_EXERCISE BRIEF_
Count up the lines below that hold "linetype", then give that count by itself.

_MATERIAL FOR THIS TASK_

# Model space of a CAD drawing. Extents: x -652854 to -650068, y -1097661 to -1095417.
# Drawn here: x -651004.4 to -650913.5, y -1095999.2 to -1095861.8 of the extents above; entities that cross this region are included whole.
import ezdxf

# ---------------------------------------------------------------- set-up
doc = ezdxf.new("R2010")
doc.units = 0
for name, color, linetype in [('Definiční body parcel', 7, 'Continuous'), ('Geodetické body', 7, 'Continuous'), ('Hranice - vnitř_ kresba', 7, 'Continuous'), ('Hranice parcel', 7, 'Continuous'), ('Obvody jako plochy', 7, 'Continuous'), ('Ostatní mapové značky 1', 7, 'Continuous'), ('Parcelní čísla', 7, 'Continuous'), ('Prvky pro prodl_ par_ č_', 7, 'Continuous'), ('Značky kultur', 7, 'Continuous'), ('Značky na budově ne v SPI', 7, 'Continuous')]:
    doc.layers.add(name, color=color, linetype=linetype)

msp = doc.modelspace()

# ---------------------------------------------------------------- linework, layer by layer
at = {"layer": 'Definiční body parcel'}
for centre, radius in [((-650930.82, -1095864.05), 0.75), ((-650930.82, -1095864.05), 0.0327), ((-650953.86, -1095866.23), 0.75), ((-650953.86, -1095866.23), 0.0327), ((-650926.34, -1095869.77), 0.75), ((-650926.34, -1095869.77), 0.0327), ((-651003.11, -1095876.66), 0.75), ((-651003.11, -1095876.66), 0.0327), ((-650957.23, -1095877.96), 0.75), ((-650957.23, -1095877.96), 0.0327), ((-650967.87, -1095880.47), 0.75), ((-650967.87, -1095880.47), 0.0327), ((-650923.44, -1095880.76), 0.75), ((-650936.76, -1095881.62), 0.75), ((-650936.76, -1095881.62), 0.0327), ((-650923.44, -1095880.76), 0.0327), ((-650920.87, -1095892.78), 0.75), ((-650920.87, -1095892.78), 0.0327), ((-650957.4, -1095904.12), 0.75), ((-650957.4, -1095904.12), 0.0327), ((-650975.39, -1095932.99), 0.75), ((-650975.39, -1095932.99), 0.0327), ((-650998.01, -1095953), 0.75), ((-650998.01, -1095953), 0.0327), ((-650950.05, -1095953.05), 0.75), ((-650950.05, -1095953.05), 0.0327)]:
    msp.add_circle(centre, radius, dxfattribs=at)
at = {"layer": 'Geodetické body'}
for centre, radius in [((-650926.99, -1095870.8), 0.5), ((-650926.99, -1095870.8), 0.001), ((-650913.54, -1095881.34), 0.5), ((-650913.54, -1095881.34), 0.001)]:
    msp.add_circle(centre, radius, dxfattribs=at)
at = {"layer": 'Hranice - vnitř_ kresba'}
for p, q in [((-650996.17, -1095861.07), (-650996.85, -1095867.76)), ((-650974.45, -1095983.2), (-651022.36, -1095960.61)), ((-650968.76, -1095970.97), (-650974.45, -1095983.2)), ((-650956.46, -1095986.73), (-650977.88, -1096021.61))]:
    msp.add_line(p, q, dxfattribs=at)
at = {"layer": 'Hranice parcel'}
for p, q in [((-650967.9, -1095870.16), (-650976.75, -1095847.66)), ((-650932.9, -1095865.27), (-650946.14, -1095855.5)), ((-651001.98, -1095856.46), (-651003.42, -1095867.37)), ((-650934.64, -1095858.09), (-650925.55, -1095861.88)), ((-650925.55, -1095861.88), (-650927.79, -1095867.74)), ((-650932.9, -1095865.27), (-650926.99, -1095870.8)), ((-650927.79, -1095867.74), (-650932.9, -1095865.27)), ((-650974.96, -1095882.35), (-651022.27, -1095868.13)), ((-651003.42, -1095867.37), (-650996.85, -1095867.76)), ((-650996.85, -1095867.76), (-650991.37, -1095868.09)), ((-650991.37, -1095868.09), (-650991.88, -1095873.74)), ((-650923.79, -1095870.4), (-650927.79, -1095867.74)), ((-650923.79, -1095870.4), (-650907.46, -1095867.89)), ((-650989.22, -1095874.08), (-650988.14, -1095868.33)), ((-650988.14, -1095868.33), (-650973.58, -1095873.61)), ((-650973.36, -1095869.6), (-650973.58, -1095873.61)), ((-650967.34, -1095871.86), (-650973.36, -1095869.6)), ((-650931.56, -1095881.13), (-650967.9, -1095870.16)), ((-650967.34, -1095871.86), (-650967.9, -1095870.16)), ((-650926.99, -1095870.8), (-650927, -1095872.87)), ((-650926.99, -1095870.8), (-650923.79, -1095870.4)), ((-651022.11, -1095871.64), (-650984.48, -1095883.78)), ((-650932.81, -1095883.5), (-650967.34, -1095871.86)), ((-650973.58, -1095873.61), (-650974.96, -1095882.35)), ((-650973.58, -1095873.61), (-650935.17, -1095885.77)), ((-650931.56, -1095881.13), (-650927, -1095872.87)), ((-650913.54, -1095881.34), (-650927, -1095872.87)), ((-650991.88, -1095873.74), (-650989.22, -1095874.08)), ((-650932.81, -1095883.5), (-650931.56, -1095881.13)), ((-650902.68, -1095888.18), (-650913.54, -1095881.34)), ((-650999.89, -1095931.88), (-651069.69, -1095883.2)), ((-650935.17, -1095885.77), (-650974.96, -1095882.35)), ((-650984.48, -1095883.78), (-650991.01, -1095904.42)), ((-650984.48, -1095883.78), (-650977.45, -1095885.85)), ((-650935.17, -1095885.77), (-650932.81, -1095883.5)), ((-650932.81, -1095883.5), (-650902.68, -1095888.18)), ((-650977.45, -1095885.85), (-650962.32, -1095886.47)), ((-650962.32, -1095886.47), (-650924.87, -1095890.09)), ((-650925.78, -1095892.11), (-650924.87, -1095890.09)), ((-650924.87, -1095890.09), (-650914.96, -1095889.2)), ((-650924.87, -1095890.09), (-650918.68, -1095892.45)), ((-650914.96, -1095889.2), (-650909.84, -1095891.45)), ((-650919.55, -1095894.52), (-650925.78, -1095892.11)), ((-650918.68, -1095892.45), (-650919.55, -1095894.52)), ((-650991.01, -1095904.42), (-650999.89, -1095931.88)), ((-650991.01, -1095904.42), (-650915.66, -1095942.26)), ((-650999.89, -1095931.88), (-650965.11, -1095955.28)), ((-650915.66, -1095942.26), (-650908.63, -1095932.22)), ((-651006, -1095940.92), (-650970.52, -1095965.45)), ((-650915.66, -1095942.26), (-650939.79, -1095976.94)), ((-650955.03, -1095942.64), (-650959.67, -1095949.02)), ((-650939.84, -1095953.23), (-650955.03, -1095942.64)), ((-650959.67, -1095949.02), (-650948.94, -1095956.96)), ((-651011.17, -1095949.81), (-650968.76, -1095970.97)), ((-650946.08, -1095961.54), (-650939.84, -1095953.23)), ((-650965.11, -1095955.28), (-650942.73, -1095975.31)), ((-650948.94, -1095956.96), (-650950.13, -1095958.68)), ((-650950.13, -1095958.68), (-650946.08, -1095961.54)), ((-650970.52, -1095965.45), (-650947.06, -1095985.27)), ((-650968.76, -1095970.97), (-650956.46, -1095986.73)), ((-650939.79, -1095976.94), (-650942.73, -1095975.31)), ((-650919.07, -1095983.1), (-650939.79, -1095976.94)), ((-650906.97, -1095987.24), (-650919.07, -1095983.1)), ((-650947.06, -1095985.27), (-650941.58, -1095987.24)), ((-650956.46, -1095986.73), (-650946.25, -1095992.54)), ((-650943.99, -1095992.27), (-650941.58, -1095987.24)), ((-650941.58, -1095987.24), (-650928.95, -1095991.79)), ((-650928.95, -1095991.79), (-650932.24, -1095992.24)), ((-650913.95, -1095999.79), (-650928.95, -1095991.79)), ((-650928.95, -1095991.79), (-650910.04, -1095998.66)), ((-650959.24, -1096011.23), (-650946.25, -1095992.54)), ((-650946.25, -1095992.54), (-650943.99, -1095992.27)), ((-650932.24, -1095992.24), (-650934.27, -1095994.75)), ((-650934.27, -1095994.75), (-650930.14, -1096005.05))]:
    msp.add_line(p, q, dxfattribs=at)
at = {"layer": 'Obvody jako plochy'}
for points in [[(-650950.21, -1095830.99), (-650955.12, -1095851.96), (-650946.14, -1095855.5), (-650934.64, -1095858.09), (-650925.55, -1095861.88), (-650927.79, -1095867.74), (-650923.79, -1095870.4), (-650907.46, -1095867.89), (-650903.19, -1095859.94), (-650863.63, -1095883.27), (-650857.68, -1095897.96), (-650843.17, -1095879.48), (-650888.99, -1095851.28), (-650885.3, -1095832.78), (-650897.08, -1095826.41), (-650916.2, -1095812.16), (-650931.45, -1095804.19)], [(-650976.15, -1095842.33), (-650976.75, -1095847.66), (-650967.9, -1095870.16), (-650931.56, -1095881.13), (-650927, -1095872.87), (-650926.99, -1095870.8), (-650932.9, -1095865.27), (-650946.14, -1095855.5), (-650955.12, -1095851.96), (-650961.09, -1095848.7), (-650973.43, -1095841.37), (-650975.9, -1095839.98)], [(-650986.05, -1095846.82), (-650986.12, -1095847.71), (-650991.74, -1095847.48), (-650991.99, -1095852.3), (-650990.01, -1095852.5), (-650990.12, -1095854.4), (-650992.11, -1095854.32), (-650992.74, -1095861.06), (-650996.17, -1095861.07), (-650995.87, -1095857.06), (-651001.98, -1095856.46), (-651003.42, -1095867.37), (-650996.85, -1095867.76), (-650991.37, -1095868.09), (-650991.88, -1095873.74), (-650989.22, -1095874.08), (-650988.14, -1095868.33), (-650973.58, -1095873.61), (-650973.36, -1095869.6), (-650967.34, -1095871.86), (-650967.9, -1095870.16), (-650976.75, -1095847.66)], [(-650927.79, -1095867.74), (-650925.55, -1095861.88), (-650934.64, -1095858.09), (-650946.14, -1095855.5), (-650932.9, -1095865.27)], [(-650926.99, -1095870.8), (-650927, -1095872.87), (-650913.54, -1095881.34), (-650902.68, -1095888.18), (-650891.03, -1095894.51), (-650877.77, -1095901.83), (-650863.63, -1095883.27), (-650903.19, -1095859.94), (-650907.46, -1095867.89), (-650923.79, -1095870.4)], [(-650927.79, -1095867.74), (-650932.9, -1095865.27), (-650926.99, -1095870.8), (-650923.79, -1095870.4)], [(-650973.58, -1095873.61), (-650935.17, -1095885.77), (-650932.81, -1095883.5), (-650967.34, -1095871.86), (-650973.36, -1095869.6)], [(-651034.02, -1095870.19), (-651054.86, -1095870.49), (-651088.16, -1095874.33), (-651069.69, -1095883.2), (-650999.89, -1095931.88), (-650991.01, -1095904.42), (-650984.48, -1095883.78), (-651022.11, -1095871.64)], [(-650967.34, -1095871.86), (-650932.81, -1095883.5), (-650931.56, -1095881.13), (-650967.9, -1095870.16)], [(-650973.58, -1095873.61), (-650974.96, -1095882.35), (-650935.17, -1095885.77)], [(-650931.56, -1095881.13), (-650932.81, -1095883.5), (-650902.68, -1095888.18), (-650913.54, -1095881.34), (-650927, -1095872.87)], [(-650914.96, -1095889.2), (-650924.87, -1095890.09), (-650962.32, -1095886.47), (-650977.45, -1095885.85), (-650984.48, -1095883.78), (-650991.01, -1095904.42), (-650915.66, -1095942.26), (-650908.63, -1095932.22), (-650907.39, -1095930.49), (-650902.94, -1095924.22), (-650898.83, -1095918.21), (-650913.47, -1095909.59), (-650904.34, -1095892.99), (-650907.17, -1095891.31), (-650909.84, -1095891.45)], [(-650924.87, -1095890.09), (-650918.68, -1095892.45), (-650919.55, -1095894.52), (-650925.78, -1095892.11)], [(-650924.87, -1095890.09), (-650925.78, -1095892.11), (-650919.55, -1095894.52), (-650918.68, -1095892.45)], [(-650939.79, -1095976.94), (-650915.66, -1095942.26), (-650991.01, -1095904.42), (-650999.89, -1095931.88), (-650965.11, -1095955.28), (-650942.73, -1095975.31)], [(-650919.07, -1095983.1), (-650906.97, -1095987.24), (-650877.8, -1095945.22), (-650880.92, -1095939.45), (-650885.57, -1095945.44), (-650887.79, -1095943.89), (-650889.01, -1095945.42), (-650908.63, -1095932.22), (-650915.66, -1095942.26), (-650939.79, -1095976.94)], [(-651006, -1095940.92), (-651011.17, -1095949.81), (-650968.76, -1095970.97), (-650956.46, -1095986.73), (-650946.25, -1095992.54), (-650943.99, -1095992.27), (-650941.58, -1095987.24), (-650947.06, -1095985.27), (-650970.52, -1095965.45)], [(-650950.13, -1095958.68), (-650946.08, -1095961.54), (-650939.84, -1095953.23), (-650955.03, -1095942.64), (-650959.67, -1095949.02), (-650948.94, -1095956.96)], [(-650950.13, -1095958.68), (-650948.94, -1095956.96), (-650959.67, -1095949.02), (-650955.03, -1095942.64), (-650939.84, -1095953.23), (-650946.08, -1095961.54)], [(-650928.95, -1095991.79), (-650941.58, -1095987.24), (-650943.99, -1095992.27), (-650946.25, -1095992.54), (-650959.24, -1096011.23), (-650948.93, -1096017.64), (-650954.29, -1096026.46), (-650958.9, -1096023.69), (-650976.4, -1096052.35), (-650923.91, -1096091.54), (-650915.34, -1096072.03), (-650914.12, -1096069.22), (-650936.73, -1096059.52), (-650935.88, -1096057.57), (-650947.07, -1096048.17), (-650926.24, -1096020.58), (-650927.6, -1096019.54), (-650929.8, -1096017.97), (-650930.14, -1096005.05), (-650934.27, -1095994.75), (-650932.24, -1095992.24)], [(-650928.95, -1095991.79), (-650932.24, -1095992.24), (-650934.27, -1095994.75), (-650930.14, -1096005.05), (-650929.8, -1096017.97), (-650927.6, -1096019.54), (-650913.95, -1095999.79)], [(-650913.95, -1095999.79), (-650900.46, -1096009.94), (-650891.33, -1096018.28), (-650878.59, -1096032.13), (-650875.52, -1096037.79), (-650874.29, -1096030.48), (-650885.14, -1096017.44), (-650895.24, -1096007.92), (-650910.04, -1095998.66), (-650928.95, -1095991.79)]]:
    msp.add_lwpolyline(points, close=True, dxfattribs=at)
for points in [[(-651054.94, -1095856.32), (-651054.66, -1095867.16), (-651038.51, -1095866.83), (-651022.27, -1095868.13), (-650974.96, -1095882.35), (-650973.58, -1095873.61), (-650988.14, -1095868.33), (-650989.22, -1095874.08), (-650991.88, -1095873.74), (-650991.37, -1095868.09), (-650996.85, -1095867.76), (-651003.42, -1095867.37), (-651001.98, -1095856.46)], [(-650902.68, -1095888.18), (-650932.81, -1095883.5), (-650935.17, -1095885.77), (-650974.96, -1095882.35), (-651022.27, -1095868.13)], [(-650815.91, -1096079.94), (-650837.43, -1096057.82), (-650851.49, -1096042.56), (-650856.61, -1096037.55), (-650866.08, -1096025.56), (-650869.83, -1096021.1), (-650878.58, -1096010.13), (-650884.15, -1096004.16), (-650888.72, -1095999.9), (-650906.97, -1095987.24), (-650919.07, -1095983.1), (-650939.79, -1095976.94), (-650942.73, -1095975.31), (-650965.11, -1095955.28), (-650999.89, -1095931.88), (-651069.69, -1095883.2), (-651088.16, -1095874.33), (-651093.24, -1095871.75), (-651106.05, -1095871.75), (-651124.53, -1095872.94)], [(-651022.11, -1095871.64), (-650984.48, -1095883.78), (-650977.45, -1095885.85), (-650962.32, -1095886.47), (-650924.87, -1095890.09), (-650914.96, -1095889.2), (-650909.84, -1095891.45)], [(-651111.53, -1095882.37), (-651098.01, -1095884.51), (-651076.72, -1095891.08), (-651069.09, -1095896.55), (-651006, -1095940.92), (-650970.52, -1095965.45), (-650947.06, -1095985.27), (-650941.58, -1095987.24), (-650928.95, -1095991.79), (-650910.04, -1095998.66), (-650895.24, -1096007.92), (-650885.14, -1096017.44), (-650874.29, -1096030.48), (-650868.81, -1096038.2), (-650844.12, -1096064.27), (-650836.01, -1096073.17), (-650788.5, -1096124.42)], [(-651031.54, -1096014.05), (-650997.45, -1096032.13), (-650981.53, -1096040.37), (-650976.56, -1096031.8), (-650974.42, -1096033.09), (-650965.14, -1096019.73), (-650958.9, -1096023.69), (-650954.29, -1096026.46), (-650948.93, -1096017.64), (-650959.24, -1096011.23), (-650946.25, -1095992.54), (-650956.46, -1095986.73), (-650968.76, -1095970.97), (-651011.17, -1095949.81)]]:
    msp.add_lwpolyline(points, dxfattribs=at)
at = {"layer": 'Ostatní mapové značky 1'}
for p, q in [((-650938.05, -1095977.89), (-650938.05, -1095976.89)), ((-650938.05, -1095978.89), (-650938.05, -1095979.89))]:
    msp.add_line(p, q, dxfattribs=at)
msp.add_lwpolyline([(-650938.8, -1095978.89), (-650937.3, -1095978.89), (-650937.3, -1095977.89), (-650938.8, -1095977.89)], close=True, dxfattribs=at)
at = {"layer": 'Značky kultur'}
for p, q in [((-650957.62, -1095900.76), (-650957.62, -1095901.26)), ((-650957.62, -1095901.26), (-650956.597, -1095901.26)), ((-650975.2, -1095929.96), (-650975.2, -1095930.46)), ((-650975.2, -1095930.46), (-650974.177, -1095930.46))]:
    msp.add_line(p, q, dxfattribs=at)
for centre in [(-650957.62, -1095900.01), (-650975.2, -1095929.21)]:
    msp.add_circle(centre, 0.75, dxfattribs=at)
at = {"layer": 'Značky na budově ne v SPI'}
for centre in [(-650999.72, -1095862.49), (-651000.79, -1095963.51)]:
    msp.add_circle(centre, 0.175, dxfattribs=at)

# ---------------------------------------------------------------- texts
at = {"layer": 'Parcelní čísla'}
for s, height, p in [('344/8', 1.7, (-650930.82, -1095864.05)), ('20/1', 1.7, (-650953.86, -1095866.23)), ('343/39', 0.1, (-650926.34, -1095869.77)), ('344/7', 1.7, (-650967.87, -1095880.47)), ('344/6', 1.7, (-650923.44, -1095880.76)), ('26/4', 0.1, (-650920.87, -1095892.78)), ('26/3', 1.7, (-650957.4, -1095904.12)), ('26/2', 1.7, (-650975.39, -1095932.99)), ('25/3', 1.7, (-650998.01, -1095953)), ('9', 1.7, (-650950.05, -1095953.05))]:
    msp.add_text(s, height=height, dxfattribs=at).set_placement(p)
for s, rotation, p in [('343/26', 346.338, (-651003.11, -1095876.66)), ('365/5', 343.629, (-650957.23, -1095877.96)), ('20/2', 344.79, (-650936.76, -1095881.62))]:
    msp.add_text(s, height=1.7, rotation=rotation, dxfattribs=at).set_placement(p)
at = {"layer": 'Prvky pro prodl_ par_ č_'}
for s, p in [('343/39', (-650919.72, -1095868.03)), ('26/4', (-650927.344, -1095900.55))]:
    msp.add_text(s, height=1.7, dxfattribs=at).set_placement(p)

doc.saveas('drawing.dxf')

_TASK RESULT_
2